Tuttavia, non possiamo esimerci dal proporre alcune vie d’uscita:

il rilancio del ruolo del pubblico a tutti i livelli, in particolare delle autonomie locali, più vicine alle istanze dei cittadini;

la costituzione di un partito-movimento politico che sia fondato su una larga partecipazione e che assuma le seguenti stelle polari: a) critica dell’economia politica capitalistica, all’interna della quale assumere la questione ambientale quella di genere; b) rilancio della programmazione-pianificazione economica democratica in consonanza con la Costituzione economica  e con le migliori esperienze democratiche e socialiste, e in netta opposizione con la c.d. programmazione del Pnrr, tutt’altro che democratica sin dalla sua genesi e anzi ulteriormente mortificante per le capacità e i bisogni reali degli enti locali; c) critica della ragion democratica e lotta per il ripristino dei poteri del parlamento e delle autonomie e assemblee locali, ben oltre il decentramento amministrativo; d) adozione di leggi elettorali proporzionali a tutti i livelli territoriali; e) intrapresa di percorsi politici di autonomia-uscita dai trattati internazionali che perseguono nei fatti la guerra e decrescita delle spese militari e per armamenti; f) politica di distensione che favorisca il multipolarismo.

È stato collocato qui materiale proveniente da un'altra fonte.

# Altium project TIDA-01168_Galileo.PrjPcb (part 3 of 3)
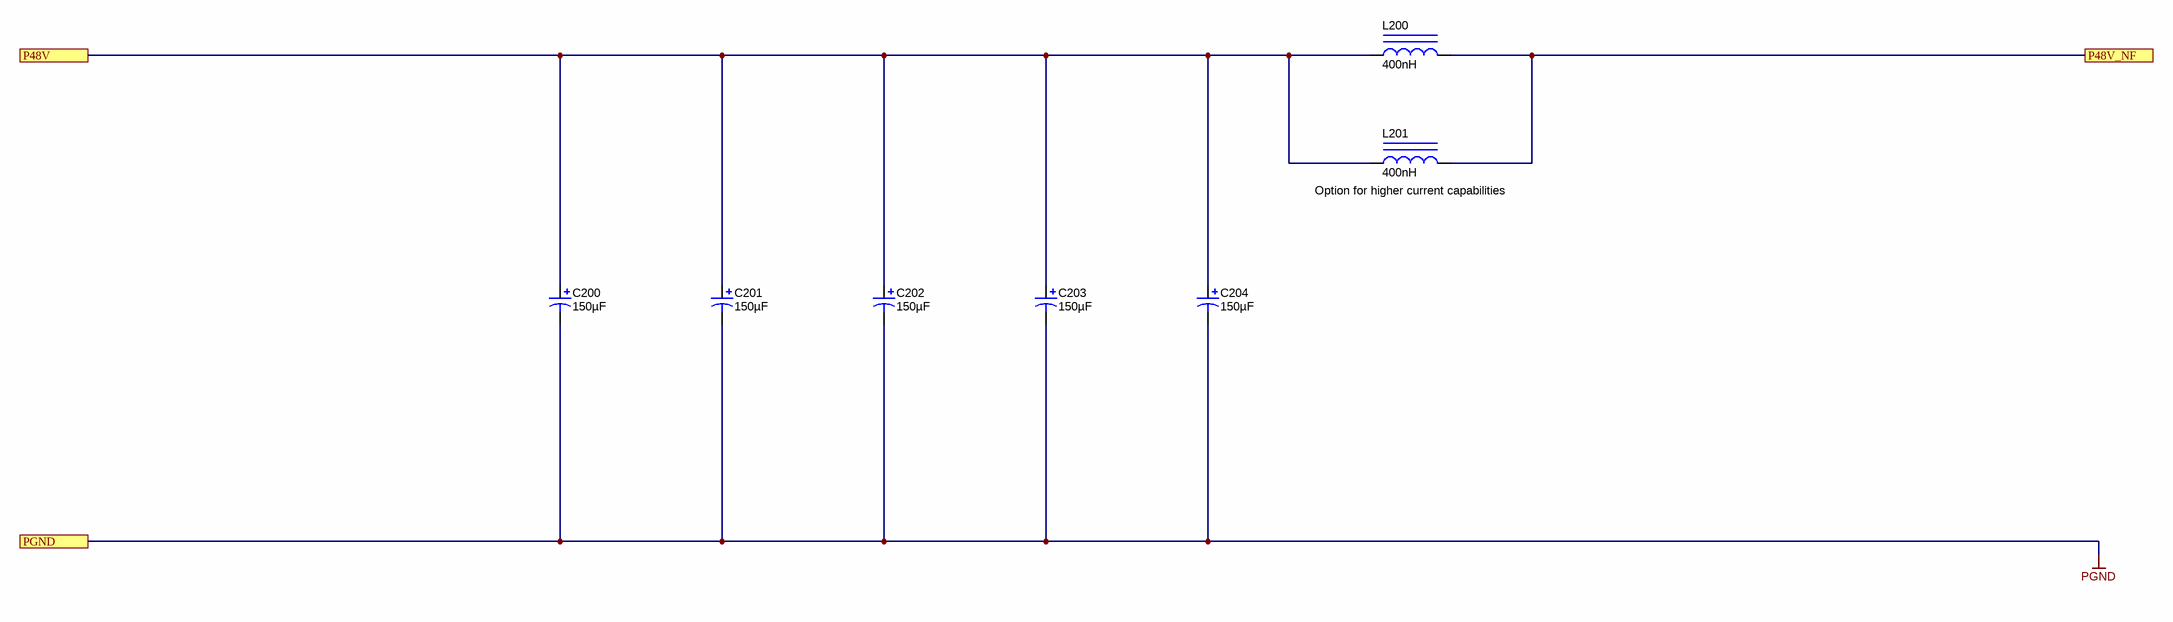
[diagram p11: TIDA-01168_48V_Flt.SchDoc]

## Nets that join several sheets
CS1B_A: PS (10 pins), TIDA-01168_12V_Brk (Q402.4 Q404.4 Q406.4 R405.1), LM (R904_LM2.2 R914_LM2.2), PS (10 pins), PS (10 pins), PS (10 pins), LM (R904_LM1.2 R914_LM1.2), TIDA-01168_If (J700.5 J700.7)
GND: TIDA-01168_Hierarchy (J3.1 J4.1), PS (24 pins), TIDA-01168_48V_Brk (15 pins), TIDA-01168_12V_Brk (7 pins), TIDA-01168_Diag (14 pins), TIDA-01168_Control (31 pins), LM (29 pins), TIDA-01168_BiasSupply (33 pins), PS (24 pins), PS (24 pins), PS (24 pins), LM (29 pins), TIDA-01168_If (21 pins), TIDA-01168_48V_Flt (5 pins)
KL30_BIAS: TIDA-01168_12V_Brk (D400.1), TIDA-01168_BiasSupply (C500.1 R500.2 U500.6)
P3V3: TIDA-01168_Diag (17 pins), TIDA-01168_Control (21 pins), TIDA-01168_BiasSupply (C519.1 R510.2 U503.1), TIDA-01168_If (6 pins)
P10V: TIDA-01168_Diag (R602.2), LM (6 pins), TIDA-01168_BiasSupply (C515.1 C516.2 R506.2 U502.6), LM (6 pins), TIDA-01168_If (J700.9 J700.11)
P48V: TIDA-01168_48V_Brk (6 pins), TIDA-01168_BiasSupply (D500.2), TIDA-01168_If (J700.1 J700.3), TIDA-01168_48V_Flt (7 pins)
VIN_LM: LM (C907_LM2.1 U900_LM2.6), TIDA-01168_BiasSupply (5 pins), LM (C907_LM1.1 U900_LM1.6)
ADCINA6: TIDA-01168_Control (R821.2), TIDA-01168_If (J702.13)
ADCINA7: TIDA-01168_Control (R823.2), TIDA-01168_If (J702.11)
ADCINB1: TIDA-01168_Control (R824.2), TIDA-01168_If (J702.7)
ADCINB2: TIDA-01168_Control (R825.2), TIDA-01168_If (J702.8 R700.1)
ADCINB3: TIDA-01168_Control (R826.2), TIDA-01168_If (J702.10)
ADCINB4: TIDA-01168_Control (R827.2), TIDA-01168_If (J702.12 R701.1)
ADCINB6: TIDA-01168_Control (R828.2), TIDA-01168_If (J702.14)
BRKG: TIDA-01168_12V_Brk (8 pins), LM (U900_LM2.34), LM (U900_LM1.34)
BRKS: TIDA-01168_12V_Brk (32 pins), LM (U900_LM2.33), LM (U900_LM1.33)
CLK: TIDA-01168_Control (R814.1), TIDA-01168_If (J701.5)
CS1A_A: LM (R901_LM2.2), PS (L300_PS3.1 R300_PS3.1)
CS1A_B: PS (L300_PS1.1 R300_PS1.1), LM (R901_LM1.2)
CS2A_A: PS (L300_PS4.1 R300_PS4.1), LM (R915_LM2.2)
CS2A_B: PS (L300_PS2.1 R300_PS2.1), LM (R915_LM1.2)
DIR: TIDA-01168_Control (R809.1 U800.1 U801.40), LM (U900_LM2.44), LM (U900_LM1.44)
EN1: TIDA-01168_Control (U801.28), LM (R916_LM2.1 U900_LM2.39)
EN1: TIDA-01168_Control (U801.38), LM (R916_LM1.1 U900_LM1.39)
EN2: TIDA-01168_Control (U801.37), LM (R917_LM2.1 U900_LM2.43)
EN2: TIDA-01168_Control (U801.39), LM (R917_LM1.1 U900_LM1.43)
EN12: TIDA-01168_12V_Brk (R402.1), TIDA-01168_If (J702.5)
EN48: TIDA-01168_48V_Brk (U100.5), TIDA-01168_If (J702.6)
HO1_A: LM (U900_LM2.22), PS (R302_PS3.1 R305_PS3.1)
HO1_B: PS (R302_PS1.1 R305_PS1.1), LM (U900_LM1.22)
HO2_A: PS (R302_PS4.1 R305_PS4.1), LM (U900_LM2.15)
HO2_B: PS (R302_PS2.1 R305_PS2.1), LM (U900_LM1.15)
IMON: TIDA-01168_Control (C800.1 R804.2 U801.18), LM (U900_LM2.37 U900_LM2.38), LM (U900_LM1.37 U900_LM1.38)
ISETD: TIDA-01168_Control (U801.29), LM (R911_LM2.2 U900_LM2.42), LM (R911_LM1.2 U900_LM1.42)
KL30: TIDA-01168_Hierarchy (J2.1), TIDA-01168_12V_Brk (10 pins)
KL30_M: TIDA-01168_12V_Brk (R405.2), TIDA-01168_Control (R831.2)
KL30_POL: TIDA-01168_12V_Brk (D400.2 Q400.3), TIDA-01168_Diag (R607.2)
KL31_M: TIDA-01168_12V_Brk (R406.2), TIDA-01168_Control (R829.2)
KL40: TIDA-01168_Hierarchy (J1.1), TIDA-01168_48V_Brk (10 pins)
KL40_M: TIDA-01168_48V_Brk (R109.2), TIDA-01168_Control (R819.2)
KL41_M: TIDA-01168_48V_Brk (R110.2), TIDA-01168_Control (R812.2)
LO1_A: LM (U900_LM2.20), PS (R306_PS3.2 R307_PS3.2)
LO1_B: PS (R306_PS1.2 R307_PS1.2), LM (U900_LM1.20)
LO2_A: PS (R306_PS4.2 R307_PS4.2), LM (U900_LM2.17)
LO2_B: PS (R306_PS2.2 R307_PS2.2), LM (U900_LM1.17)
nFAULT: TIDA-01168_Control (U800.3), LM (U900_LM2.27), LM (U900_LM1.27)
nRST: TIDA-01168_Diag (D602.1 R601.1 U601.5), TIDA-01168_Control (U801.3 U804.1)
OPT: TIDA-01168_Control (R808.1 U801.41), LM (U900_LM2.29), LM (U900_LM1.29)
P48V_NF: PS (12 pins), PS (12 pins), PS (12 pins), PS (12 pins), TIDA-01168_48V_Flt (L200.2 L201.2)
RXD: TIDA-01168_Control (R816.1), TIDA-01168_If (J701.6)
SCL: TIDA-01168_Diag (5 pins), TIDA-01168_Control (R817.1 U801.36), TIDA-01168_If (J701.14)
SDA: TIDA-01168_Diag (5 pins), TIDA-01168_Control (R818.1 U801.31), TIDA-01168_If (J701.12)
SIMO: TIDA-01168_Control (R810.1), TIDA-01168_If (J701.13)
SOMI: TIDA-01168_Control (R811.1), TIDA-01168_If (J701.11)
STEA: TIDA-01168_Control (R815.1), TIDA-01168_If (J701.7)
SW1_A: LM (C908_LM2.1 U900_LM2.24), PS (8 pins)
SW1_B: PS (8 pins), LM (C908_LM1.1 U900_LM1.24)
SW2_A: PS (8 pins), LM (C911_LM2.1 U900_LM2.13)
SW2_B: PS (8 pins), LM (C911_LM1.1 U900_LM1.13)
SYNCIN_B: TIDA-01168_Hierarchy (NT1.2), LM (U900_LM1.40)
SYNCOUT_A: TIDA-01168_Hierarchy (NT1.1), LM (R908_LM2.2 U900_LM2.41)
TXD: TIDA-01168_Control (R820.1), TIDA-01168_If (J701.8)
UVLO: TIDA-01168_Diag (D600.2 D601.2 D602.2 R600.1), TIDA-01168_Control (U801.19 U804.3), LM (U900_LM2.10), LM (U900_LM1.10)
WDT_TRIG: TIDA-01168_Diag (R603.1), TIDA-01168_Control (U801.47)

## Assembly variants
001: not fitted C106 C310_PS1 C310_PS2 C310_PS3 C310_PS4 C404 C519 C520 C902_LM1 C902_LM2 C904_LM1 C904_LM2 C914_LM1 C914_LM2 C916_LM1 C916_LM2 D104 FID1 FID2 FID3 L201 R108 R303_PS1 R303_PS2 R303_PS3 R303_PS4 R906_LM1 R906_LM2 RV400 U503; alternate parts L300_PS1 -> IHTH1125KZEB4R7M5A, L300_PS4 -> IHTH1125KZEB4R7M5A, L300_PS3 -> IHTH1125KZEB4R7M5A, L300_PS2 -> IHTH1125KZEB4R7M5A

È su questo crinale impervio e per nulla accomodante che si gioca il futuro della democrazia, dei popoli, delle persone.


[1] Si rinvia a Geminello Preterossi, «Sovranità non sovranismo», introduzione a Dieter Grimm, Sovranità. Origine e futuro di un concetto chiave, Roma-Bari, Laterza, 2023.

[2] Lelio Basso, deputato Psiup, intervento alla Camera dei deputati, 1949.

[3] Lelio Basso, Consensi e riserve sul federalismo, intervento giugno 1973, www.leliobasso.it.

[4] Luciano Canfora, La democrazia dei signori, Roma-Bari, Laterza, 2022, pp. X-XI.

[5] Andrea Zhok, 24 Maggio 2024, pagina fb.